Start of THE INPUT
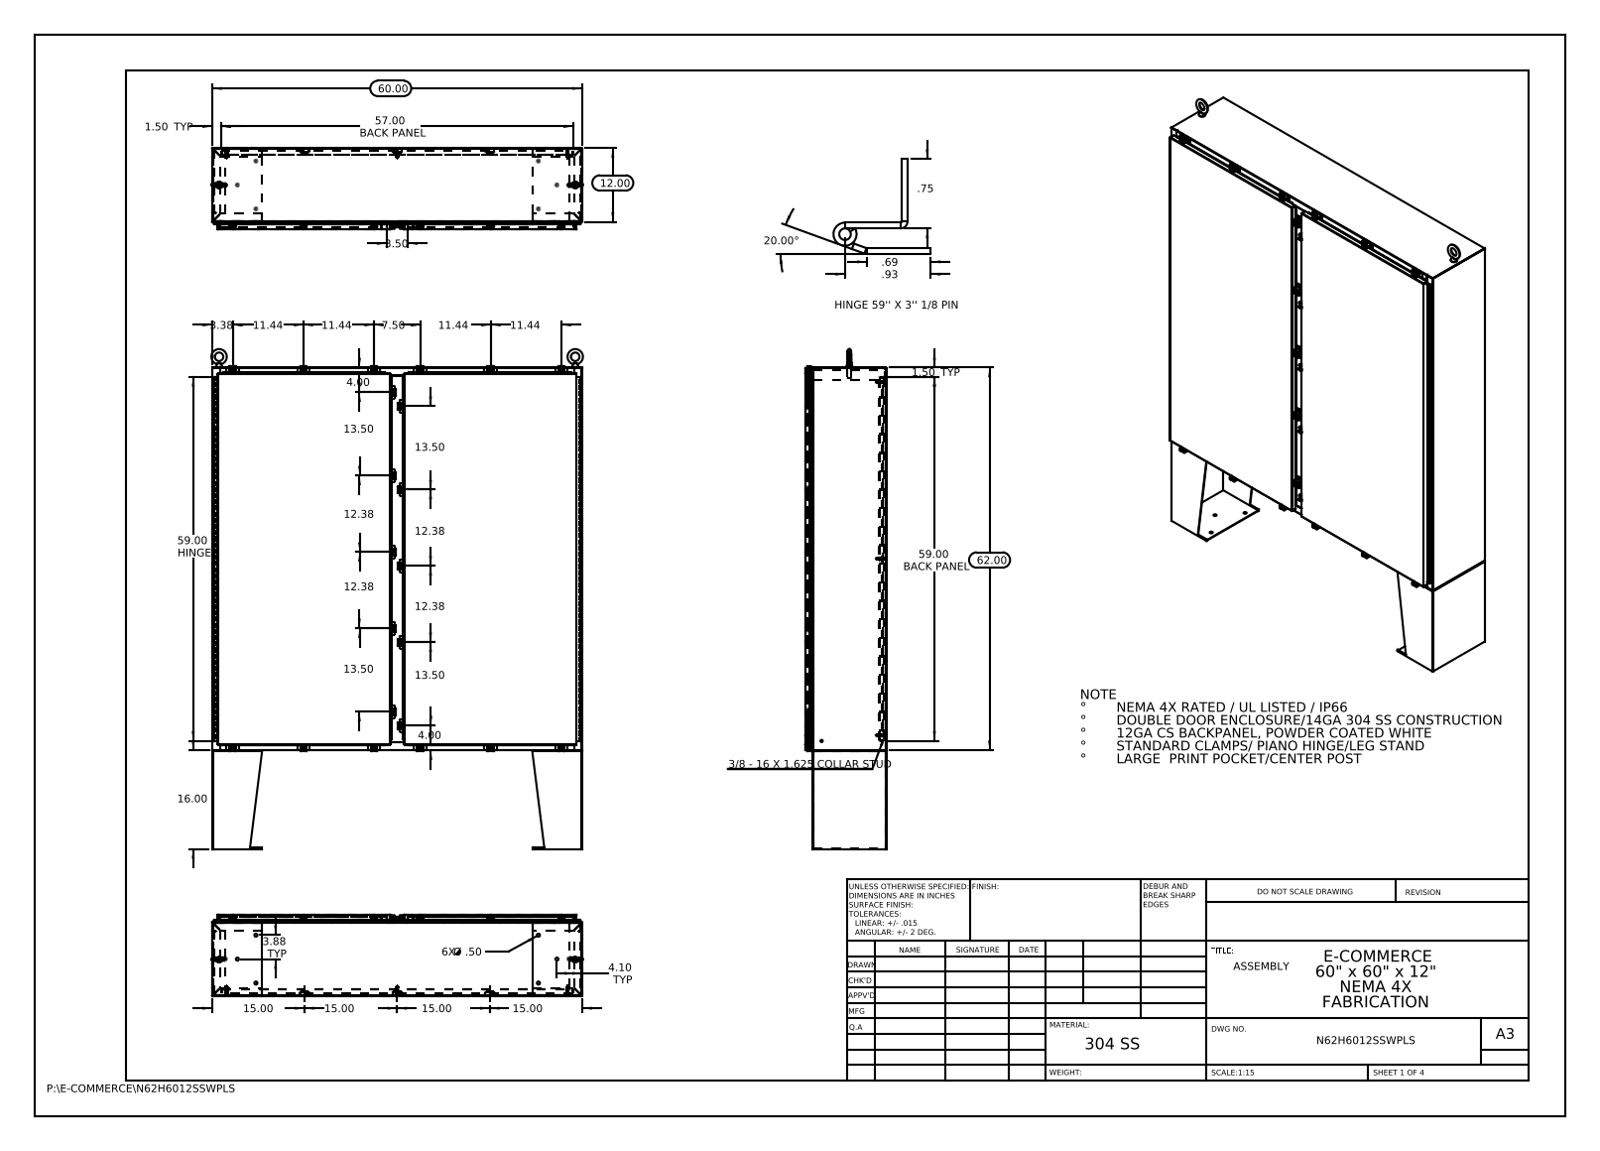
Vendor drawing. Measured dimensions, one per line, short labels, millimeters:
name: Quarter-20 CD Stud; N62H6012SSWPLS FSD_DD - LSK - Stand; Standard Clamps; N62H6012SSWPLS Eye-Bolt_Stiffener (+8 more)
written by: SolidWorks 2013 (CONFIG_CONTROL_DESIGN)
unit: mm
bodies: 144 solids, 6444 faces (3354 planar, 2762 cylindrical, 328 other)
size: 2057.4 × 1529.7 × 335.3
volume: 23 010 000 mm³; area: 21 970 000 mm²
holes: 22× ⌀5.4, 22× ⌀6.6, 14× ⌀12.7, 4× ⌀19.1, 2× ⌀3.2, 2× ⌀3.2
bosses: 24× ⌀6.4, 22× ⌀12.7, 22× ⌀10.1, 10× ⌀15.9, 8× ⌀9.5, 8× ⌀8.4, 3× ⌀8, 3× ⌀6
rounds: 96× R1.5, 48× R0.3, 44× R3, 44× R3.6, 40× R2.2, 32× R1.3, 32× R2, 32× R2.3
face distances: 1.9, 333.4, 2.6, 27.3, 331.5, 25.4, 308, 335.3, 306.1, 29.9
hole spacings: 1560.3, 1740.7, 66.2, 109, 180.8, 181.3, 290.5, 290.5
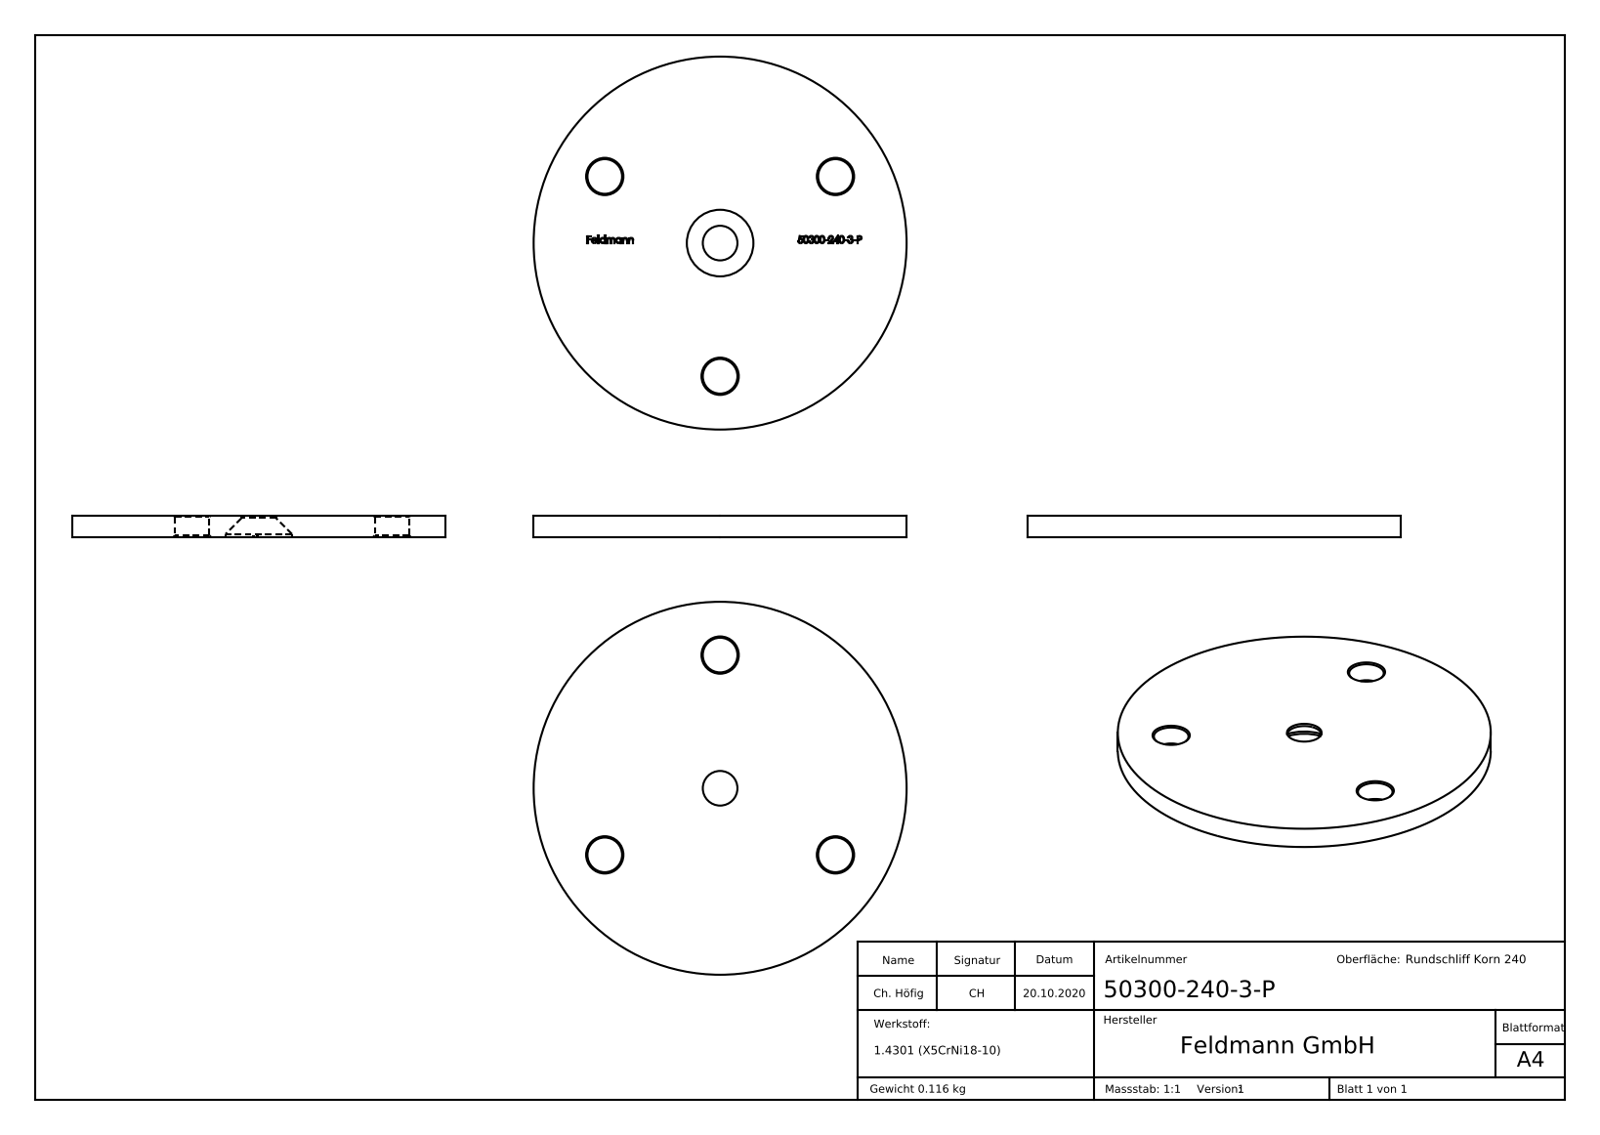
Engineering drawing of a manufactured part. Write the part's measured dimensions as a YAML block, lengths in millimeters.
part_name: "50300-240-3-P"
step_written_by: "SolidWorks 2018 (CONFIG_CONTROL_DESIGN)"
units: millimeters
bodies: {solids: 1, faces: 295, planar: 137, cylindrical: 12, other: 146}
overall_size: [70, 70, 4]
volume: 14693
surface_area: 8617
round_holes:
  - {diameter: 6.5, count: 4}
  - {diameter: 12.5, count: 1}
round_bosses_or_shafts:
  - {diameter: 70, count: 1}
face_to_face_distances: [4, 3.9, 0.44, 0.39, 0.58, 2.97, 0.88, 2.02, 50.66, 48.64]
hole_center_spacings: [25, 43.3]
End of THE INPUT
Write out exactly the lines that run from the one containing "Engineering drawing of" to the end of the records, both end lines included.

* RESULT *
Engineering drawing of a manufactured part. Write the part's measured dimensions as a YAML block, lengths in millimeters.
part_name: "50300-240-3-P"
step_written_by: "SolidWorks 2018 (CONFIG_CONTROL_DESIGN)"
units: millimeters
bodies: {solids: 1, faces: 295, planar: 137, cylindrical: 12, other: 146}
overall_size: [70, 70, 4]
volume: 14693
surface_area: 8617
round_holes:
  - {diameter: 6.5, count: 4}
  - {diameter: 12.5, count: 1}
round_bosses_or_shafts:
  - {diameter: 70, count: 1}
face_to_face_distances: [4, 3.9, 0.44, 0.39, 0.58, 2.97, 0.88, 2.02, 50.66, 48.64]
hole_center_spacings: [25, 43.3]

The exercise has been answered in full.